ABOUT THIS EXERCISE – The full listing should be set down again precisely.
-- -- --
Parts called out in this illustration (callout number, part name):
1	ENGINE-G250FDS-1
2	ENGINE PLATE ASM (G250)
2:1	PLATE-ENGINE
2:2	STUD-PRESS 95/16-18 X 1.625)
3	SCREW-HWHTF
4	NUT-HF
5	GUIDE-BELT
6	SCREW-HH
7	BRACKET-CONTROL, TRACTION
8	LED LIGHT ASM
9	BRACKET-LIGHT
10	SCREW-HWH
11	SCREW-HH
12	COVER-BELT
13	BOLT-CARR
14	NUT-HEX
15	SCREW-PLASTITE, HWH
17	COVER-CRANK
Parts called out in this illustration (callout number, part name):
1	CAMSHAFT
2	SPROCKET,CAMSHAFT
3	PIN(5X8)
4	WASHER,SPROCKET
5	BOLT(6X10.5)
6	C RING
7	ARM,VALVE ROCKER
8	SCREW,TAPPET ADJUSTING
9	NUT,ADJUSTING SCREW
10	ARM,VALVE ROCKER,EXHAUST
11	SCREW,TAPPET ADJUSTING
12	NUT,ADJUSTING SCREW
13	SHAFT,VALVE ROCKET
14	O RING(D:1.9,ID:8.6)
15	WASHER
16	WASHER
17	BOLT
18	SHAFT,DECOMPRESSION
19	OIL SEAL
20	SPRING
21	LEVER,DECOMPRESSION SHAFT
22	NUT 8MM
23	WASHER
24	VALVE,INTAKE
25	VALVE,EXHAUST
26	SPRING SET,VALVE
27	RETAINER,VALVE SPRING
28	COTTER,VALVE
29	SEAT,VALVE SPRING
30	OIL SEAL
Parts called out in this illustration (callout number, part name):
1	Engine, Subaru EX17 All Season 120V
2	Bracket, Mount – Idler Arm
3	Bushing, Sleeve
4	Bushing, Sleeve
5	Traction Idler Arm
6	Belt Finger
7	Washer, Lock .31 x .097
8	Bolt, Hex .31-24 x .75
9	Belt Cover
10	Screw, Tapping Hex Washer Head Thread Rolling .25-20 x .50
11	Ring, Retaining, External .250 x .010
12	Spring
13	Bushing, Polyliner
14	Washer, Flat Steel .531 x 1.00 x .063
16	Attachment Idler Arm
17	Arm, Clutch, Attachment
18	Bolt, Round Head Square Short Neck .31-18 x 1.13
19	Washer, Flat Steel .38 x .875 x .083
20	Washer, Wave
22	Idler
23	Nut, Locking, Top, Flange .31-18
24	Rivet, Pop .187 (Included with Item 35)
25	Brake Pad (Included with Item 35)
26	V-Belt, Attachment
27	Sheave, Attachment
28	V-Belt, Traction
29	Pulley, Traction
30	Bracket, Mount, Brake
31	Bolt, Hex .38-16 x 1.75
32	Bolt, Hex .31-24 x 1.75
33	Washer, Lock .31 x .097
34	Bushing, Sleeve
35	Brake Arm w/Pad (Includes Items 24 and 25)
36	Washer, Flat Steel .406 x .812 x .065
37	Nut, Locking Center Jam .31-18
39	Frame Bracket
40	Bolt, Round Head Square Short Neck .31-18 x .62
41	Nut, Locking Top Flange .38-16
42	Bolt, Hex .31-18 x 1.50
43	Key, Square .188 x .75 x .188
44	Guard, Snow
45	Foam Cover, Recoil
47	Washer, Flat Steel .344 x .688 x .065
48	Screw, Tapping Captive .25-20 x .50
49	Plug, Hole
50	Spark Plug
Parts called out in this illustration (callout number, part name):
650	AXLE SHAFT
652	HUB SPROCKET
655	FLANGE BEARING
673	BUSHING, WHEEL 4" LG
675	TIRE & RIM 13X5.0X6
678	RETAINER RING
-- -- --
TASK RESULT –
Parts called out in this illustration (callout number, part name):
1	ENGINE-G250FDS-1
2	ENGINE PLATE ASM (G250)
2:1	PLATE-ENGINE
2:2	STUD-PRESS 95/16-18 X 1.625)
3	SCREW-HWHTF
4	NUT-HF
5	GUIDE-BELT
6	SCREW-HH
7	BRACKET-CONTROL, TRACTION
8	LED LIGHT ASM
9	BRACKET-LIGHT
10	SCREW-HWH
11	SCREW-HH
12	COVER-BELT
13	BOLT-CARR
14	NUT-HEX
15	SCREW-PLASTITE, HWH
17	COVER-CRANK
Parts called out in this illustration (callout number, part name):
1	CAMSHAFT
2	SPROCKET,CAMSHAFT
3	PIN(5X8)
4	WASHER,SPROCKET
5	BOLT(6X10.5)
6	C RING
7	ARM,VALVE ROCKER
8	SCREW,TAPPET ADJUSTING
9	NUT,ADJUSTING SCREW
10	ARM,VALVE ROCKER,EXHAUST
11	SCREW,TAPPET ADJUSTING
12	NUT,ADJUSTING SCREW
13	SHAFT,VALVE ROCKET
14	O RING(D:1.9,ID:8.6)
15	WASHER
16	WASHER
17	BOLT
18	SHAFT,DECOMPRESSION
19	OIL SEAL
20	SPRING
21	LEVER,DECOMPRESSION SHAFT
22	NUT 8MM
23	WASHER
24	VALVE,INTAKE
25	VALVE,EXHAUST
26	SPRING SET,VALVE
27	RETAINER,VALVE SPRING
28	COTTER,VALVE
29	SEAT,VALVE SPRING
30	OIL SEAL
Parts called out in this illustration (callout number, part name):
1	Engine, Subaru EX17 All Season 120V
2	Bracket, Mount – Idler Arm
3	Bushing, Sleeve
4	Bushing, Sleeve
5	Traction Idler Arm
6	Belt Finger
7	Washer, Lock .31 x .097
8	Bolt, Hex .31-24 x .75
9	Belt Cover
10	Screw, Tapping Hex Washer Head Thread Rolling .25-20 x .50
11	Ring, Retaining, External .250 x .010
12	Spring
13	Bushing, Polyliner
14	Washer, Flat Steel .531 x 1.00 x .063
16	Attachment Idler Arm
17	Arm, Clutch, Attachment
18	Bolt, Round Head Square Short Neck .31-18 x 1.13
19	Washer, Flat Steel .38 x .875 x .083
20	Washer, Wave
22	Idler
23	Nut, Locking, Top, Flange .31-18
24	Rivet, Pop .187 (Included with Item 35)
25	Brake Pad (Included with Item 35)
26	V-Belt, Attachment
27	Sheave, Attachment
28	V-Belt, Traction
29	Pulley, Traction
30	Bracket, Mount, Brake
31	Bolt, Hex .38-16 x 1.75
32	Bolt, Hex .31-24 x 1.75
33	Washer, Lock .31 x .097
34	Bushing, Sleeve
35	Brake Arm w/Pad (Includes Items 24 and 25)
36	Washer, Flat Steel .406 x .812 x .065
37	Nut, Locking Center Jam .31-18
39	Frame Bracket
40	Bolt, Round Head Square Short Neck .31-18 x .62
41	Nut, Locking Top Flange .38-16
42	Bolt, Hex .31-18 x 1.50
43	Key, Square .188 x .75 x .188
44	Guard, Snow
45	Foam Cover, Recoil
47	Washer, Flat Steel .344 x .688 x .065
48	Screw, Tapping Captive .25-20 x .50
49	Plug, Hole
50	Spark Plug
Parts called out in this illustration (callout number, part name):
650	AXLE SHAFT
652	HUB SPROCKET
655	FLANGE BEARING
673	BUSHING, WHEEL 4" LG
675	TIRE & RIM 13X5.0X6
678	RETAINER RING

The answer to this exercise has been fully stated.